> [Exercise]:
The task calls for the lines below from the line with "Faces by surface type: plane 474, cylinder" to the line with "#4442 = AXIS2_PLACEMENT_3D", both ends included, copied exactly, without any pictures.

"""

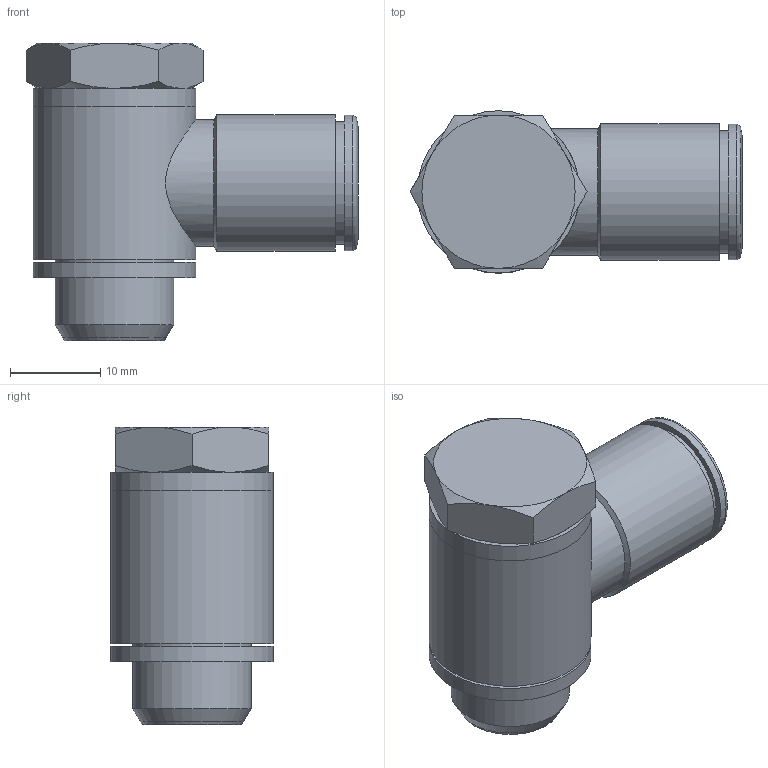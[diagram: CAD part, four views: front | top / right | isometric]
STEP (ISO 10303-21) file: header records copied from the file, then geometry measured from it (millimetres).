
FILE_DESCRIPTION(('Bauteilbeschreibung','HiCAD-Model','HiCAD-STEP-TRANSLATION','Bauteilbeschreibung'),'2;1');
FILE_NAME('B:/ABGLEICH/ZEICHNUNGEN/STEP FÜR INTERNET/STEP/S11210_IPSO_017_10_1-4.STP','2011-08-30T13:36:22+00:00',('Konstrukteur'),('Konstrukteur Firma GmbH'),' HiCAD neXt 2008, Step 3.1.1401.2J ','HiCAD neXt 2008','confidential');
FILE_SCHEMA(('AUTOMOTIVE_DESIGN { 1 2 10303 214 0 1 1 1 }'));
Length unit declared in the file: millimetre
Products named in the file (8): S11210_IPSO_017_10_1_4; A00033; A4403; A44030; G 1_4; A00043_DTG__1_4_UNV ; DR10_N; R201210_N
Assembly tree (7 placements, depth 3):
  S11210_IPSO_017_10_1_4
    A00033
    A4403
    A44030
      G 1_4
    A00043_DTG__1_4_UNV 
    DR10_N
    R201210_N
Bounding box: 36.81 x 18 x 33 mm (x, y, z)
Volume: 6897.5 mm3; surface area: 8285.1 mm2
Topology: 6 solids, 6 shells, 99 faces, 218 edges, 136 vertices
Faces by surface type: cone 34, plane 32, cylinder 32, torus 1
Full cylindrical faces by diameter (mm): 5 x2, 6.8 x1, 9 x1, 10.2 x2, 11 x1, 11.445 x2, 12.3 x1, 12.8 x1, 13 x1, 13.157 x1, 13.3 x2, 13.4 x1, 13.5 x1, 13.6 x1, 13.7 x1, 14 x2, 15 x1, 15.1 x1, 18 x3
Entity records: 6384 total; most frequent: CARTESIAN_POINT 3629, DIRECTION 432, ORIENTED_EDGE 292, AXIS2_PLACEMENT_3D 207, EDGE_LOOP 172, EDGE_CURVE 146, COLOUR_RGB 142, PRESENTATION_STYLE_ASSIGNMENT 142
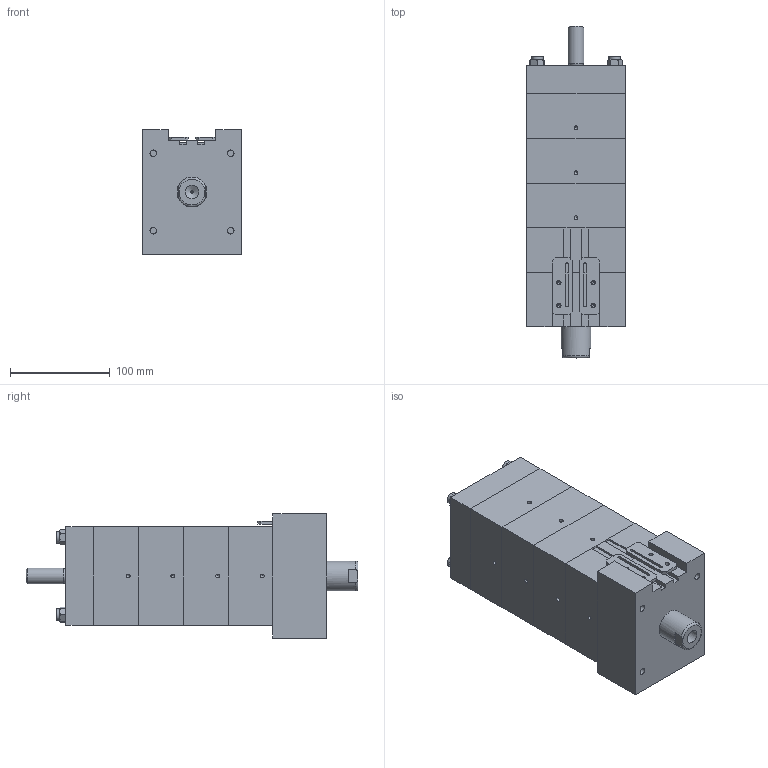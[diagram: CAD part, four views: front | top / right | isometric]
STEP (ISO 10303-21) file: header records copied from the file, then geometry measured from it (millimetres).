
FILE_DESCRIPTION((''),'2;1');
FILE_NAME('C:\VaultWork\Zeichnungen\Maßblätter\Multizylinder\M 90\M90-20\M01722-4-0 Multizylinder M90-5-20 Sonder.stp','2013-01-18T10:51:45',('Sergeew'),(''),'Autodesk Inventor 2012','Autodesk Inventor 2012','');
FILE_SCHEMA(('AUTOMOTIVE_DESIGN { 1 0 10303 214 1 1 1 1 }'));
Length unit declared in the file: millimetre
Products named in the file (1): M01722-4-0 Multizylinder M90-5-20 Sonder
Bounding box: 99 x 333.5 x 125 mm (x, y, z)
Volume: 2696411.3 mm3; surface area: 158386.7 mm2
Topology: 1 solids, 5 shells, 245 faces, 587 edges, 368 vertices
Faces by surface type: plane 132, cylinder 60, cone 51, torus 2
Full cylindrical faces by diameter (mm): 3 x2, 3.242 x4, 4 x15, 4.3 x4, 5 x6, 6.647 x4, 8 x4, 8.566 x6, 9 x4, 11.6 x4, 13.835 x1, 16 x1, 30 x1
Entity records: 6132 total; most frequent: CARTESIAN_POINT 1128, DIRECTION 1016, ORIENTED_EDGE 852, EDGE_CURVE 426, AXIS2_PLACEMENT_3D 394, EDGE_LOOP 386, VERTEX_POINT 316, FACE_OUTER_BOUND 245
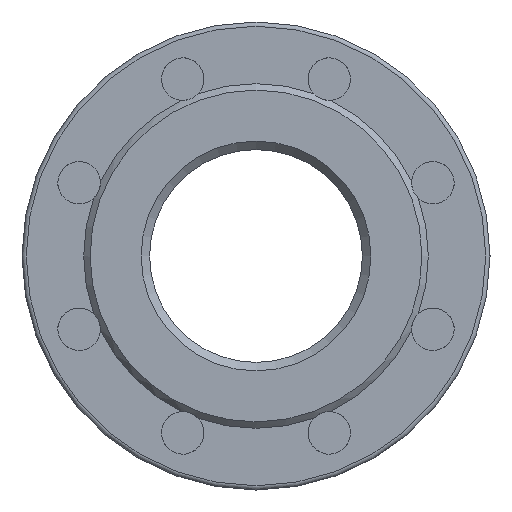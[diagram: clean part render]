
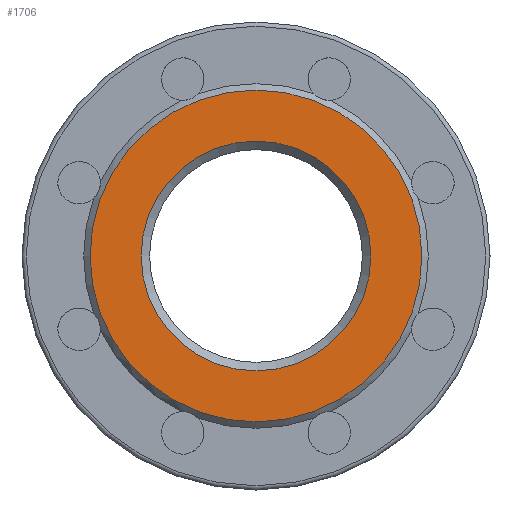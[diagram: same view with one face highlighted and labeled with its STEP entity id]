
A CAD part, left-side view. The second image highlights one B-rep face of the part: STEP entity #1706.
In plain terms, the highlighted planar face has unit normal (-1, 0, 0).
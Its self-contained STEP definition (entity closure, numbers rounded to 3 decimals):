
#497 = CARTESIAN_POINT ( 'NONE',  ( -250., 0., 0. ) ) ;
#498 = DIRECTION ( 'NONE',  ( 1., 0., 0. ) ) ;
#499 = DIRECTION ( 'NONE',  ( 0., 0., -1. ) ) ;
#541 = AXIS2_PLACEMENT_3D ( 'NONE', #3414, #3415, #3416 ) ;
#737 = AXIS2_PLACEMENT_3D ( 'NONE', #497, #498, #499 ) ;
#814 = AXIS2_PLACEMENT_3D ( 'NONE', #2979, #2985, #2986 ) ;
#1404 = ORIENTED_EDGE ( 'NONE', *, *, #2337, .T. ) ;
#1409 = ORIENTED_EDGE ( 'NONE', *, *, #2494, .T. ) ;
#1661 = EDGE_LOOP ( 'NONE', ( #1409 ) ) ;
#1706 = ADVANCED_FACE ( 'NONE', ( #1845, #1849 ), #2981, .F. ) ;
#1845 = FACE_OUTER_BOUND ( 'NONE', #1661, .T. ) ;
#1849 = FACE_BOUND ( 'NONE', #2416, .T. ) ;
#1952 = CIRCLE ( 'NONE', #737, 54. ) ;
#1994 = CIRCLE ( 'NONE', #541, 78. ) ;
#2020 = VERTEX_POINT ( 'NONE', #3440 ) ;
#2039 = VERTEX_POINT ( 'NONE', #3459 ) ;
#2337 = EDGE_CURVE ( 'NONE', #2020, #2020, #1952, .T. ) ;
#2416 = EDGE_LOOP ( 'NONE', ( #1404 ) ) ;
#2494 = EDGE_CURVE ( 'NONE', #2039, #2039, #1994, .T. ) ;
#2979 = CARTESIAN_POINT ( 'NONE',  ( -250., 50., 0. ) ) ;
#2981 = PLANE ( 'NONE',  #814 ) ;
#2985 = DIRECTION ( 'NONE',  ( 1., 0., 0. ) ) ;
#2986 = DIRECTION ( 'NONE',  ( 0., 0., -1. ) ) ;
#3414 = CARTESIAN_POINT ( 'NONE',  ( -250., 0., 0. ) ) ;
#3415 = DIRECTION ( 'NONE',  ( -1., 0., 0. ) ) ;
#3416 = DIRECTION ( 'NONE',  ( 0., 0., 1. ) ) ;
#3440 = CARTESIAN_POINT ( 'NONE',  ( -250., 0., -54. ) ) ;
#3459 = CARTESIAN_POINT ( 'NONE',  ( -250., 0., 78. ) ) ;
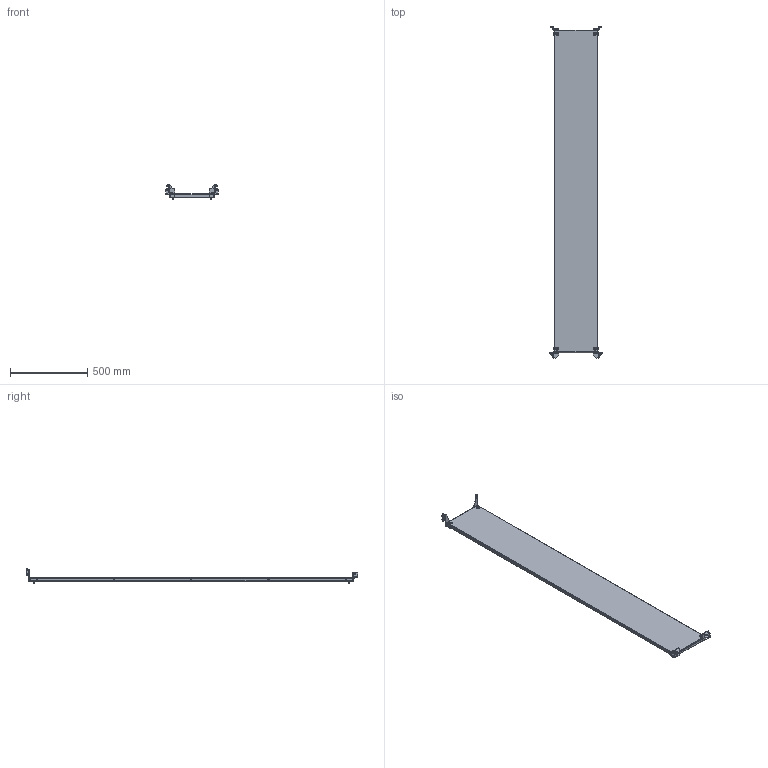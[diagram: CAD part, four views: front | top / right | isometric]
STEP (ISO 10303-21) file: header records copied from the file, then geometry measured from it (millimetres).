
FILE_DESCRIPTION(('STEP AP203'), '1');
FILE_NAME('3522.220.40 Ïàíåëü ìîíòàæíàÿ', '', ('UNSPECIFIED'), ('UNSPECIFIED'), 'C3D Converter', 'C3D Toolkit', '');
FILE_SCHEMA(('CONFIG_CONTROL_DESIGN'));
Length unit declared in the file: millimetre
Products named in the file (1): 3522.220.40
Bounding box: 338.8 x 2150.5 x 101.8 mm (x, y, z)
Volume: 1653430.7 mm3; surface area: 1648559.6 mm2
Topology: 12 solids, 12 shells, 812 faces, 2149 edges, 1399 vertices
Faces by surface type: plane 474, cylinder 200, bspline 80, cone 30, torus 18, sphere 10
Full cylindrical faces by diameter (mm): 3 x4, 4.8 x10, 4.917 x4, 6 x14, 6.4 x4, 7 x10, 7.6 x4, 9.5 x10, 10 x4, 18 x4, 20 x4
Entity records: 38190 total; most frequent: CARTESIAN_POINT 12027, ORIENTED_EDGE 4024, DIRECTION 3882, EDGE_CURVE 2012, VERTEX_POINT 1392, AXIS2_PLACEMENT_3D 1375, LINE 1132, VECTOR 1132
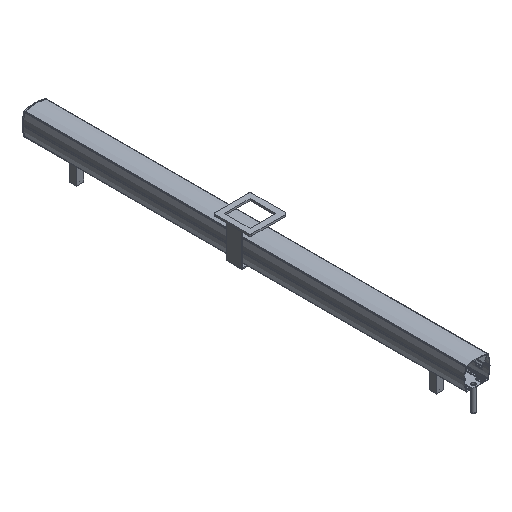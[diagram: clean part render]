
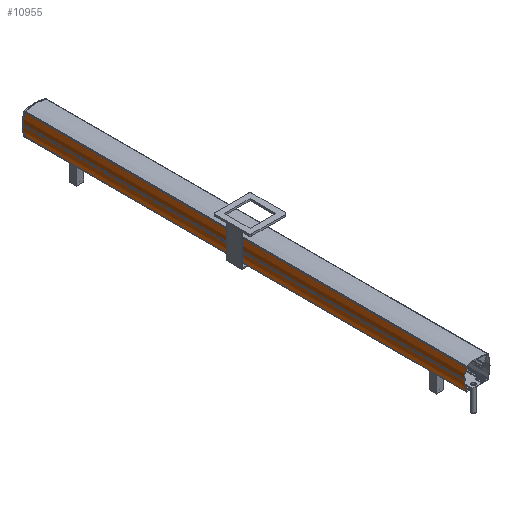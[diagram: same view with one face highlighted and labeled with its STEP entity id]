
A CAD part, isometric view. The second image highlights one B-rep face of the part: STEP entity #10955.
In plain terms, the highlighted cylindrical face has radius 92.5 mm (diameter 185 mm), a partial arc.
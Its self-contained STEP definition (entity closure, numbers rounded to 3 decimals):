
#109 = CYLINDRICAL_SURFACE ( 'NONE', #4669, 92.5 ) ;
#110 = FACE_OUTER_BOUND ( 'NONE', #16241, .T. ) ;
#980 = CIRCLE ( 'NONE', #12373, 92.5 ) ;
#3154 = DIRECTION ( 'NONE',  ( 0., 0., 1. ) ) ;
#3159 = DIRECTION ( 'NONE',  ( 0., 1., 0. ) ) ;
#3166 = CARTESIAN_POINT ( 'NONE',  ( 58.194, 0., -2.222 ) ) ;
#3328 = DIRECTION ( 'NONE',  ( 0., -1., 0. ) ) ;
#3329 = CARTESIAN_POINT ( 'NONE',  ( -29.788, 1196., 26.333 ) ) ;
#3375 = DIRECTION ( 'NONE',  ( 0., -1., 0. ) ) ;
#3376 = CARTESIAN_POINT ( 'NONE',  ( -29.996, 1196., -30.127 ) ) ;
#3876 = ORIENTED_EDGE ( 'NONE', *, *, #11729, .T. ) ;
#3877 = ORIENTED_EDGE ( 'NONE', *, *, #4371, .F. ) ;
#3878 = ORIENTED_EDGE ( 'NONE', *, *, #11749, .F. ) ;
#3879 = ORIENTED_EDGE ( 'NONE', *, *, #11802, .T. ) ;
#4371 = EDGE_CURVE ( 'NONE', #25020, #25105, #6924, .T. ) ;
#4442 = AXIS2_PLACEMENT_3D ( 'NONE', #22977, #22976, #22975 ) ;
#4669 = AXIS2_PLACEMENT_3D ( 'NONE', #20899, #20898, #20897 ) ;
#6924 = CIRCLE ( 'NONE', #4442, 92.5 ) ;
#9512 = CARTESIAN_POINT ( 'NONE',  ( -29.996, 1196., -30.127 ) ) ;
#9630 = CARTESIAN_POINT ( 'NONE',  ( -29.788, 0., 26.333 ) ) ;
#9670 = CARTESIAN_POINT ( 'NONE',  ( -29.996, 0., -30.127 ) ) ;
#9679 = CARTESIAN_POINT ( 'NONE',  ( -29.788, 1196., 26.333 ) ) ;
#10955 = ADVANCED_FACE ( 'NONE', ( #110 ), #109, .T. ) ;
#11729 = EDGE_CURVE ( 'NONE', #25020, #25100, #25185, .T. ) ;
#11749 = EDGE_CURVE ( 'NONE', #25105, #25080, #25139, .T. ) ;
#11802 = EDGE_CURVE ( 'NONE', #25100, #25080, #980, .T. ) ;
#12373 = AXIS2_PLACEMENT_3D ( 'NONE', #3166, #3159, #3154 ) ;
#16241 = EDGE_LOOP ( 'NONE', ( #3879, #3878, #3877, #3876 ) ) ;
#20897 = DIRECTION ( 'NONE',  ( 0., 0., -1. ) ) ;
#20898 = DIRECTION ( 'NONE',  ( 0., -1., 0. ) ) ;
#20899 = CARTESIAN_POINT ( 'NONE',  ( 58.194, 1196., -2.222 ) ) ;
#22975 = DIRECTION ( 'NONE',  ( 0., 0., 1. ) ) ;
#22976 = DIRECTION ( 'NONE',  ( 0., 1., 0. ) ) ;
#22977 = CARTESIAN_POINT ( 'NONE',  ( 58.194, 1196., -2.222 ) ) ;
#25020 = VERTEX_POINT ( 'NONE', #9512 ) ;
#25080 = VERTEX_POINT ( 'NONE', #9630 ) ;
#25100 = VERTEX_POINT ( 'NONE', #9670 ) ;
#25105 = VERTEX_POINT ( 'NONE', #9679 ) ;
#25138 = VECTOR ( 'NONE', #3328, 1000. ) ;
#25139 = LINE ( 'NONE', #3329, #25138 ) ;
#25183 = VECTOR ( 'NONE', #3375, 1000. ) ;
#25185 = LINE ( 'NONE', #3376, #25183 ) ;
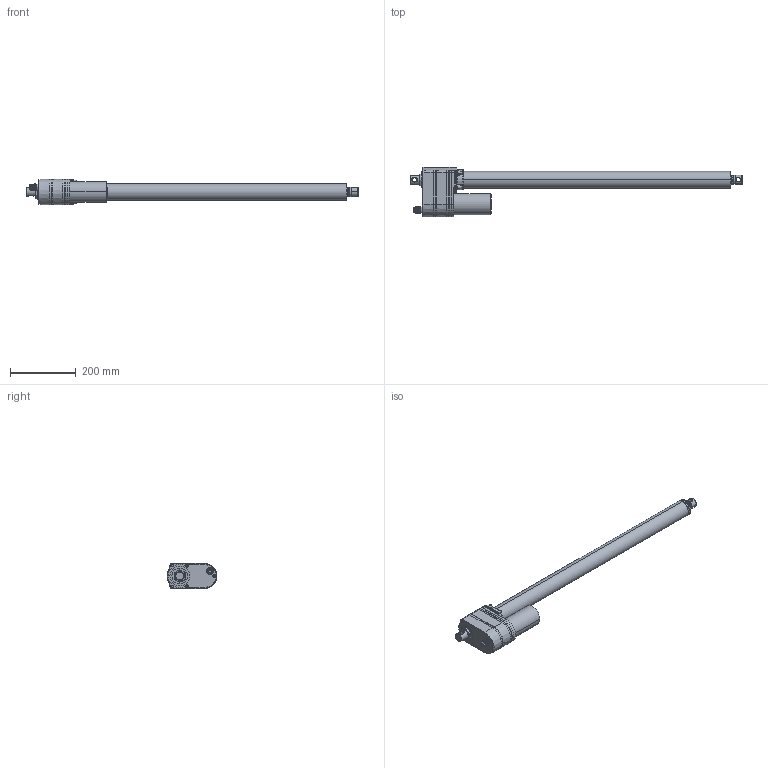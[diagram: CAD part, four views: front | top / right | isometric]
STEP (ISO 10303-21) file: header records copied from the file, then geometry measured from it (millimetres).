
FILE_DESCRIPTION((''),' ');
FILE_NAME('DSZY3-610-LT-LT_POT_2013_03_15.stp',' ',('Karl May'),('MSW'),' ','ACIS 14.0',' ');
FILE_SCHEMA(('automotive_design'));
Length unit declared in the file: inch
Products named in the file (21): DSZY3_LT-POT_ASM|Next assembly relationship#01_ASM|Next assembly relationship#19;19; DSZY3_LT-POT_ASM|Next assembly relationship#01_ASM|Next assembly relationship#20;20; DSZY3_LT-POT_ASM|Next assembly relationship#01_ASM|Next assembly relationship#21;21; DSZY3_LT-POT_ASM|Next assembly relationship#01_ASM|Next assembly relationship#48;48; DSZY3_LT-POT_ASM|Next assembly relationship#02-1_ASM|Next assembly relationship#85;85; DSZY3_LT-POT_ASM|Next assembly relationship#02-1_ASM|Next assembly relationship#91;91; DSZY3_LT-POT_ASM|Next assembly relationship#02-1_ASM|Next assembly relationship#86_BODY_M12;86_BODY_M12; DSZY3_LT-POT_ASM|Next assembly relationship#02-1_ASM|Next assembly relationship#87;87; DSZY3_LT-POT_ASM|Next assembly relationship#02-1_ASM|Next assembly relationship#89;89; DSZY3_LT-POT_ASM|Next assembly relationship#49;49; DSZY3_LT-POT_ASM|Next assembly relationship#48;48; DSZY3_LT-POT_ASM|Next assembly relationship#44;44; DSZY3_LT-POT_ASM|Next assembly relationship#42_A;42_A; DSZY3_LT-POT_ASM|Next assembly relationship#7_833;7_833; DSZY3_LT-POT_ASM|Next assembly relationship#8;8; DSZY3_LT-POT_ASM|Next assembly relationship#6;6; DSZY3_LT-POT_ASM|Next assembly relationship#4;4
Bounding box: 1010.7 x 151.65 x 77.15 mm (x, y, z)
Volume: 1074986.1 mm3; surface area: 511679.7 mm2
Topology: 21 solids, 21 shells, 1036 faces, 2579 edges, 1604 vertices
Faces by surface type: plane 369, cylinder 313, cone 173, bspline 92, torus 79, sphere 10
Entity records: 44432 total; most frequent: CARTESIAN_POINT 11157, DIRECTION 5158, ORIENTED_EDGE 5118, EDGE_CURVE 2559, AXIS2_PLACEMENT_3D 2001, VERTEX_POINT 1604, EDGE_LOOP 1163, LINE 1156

"""

> [Result of this exercise]:
Faces by surface type: plane 474, cylinder 200, bspline 80, cone 30, torus 18, sphere 10
Full cylindrical faces by diameter (mm): 3 x4, 4.8 x10, 4.917 x4, 6 x14, 6.4 x4, 7 x10, 7.6 x4, 9.5 x10, 10 x4, 18 x4, 20 x4
Entity records: 38190 total; most frequent: CARTESIAN_POINT 12027, ORIENTED_EDGE 4024, DIRECTION 3882, EDGE_CURVE 2012, VERTEX_POINT 1392, AXIS2_PLACEMENT_3D 1375, LINE 1132, VECTOR 1132
[diagram: clean part render]
[diagram: same view with one face highlighted and labeled with its STEP entity id]
A CAD part, isometric view. The second image highlights one B-rep face of the part: STEP entity #10955.
In plain terms, the highlighted cylindrical face has radius 92.5 mm (diameter 185 mm), a partial arc.
Its self-contained STEP definition (entity closure, numbers rounded to 3 decimals):
#109 = CYLINDRICAL_SURFACE ( 'NONE', #4669, 92.5 ) ;
#110 = FACE_OUTER_BOUND ( 'NONE', #16241, .T. ) ;
#980 = CIRCLE ( 'NONE', #12373, 92.5 ) ;
#3154 = DIRECTION ( 'NONE',  ( 0., 0., 1. ) ) ;
#3159 = DIRECTION ( 'NONE',  ( 0., 1., 0. ) ) ;
#3166 = CARTESIAN_POINT ( 'NONE',  ( 58.194, 0., -2.222 ) ) ;
#3328 = DIRECTION ( 'NONE',  ( 0., -1., 0. ) ) ;
#3329 = CARTESIAN_POINT ( 'NONE',  ( -29.788, 1196., 26.333 ) ) ;
#3375 = DIRECTION ( 'NONE',  ( 0., -1., 0. ) ) ;
#3376 = CARTESIAN_POINT ( 'NONE',  ( -29.996, 1196., -30.127 ) ) ;
#3876 = ORIENTED_EDGE ( 'NONE', *, *, #11729, .T. ) ;
#3877 = ORIENTED_EDGE ( 'NONE', *, *, #4371, .F. ) ;
#3878 = ORIENTED_EDGE ( 'NONE', *, *, #11749, .F. ) ;
#3879 = ORIENTED_EDGE ( 'NONE', *, *, #11802, .T. ) ;
#4371 = EDGE_CURVE ( 'NONE', #25020, #25105, #6924, .T. ) ;
#4442 = AXIS2_PLACEMENT_3D ( 'NONE', #22977, #22976, #22975 ) ;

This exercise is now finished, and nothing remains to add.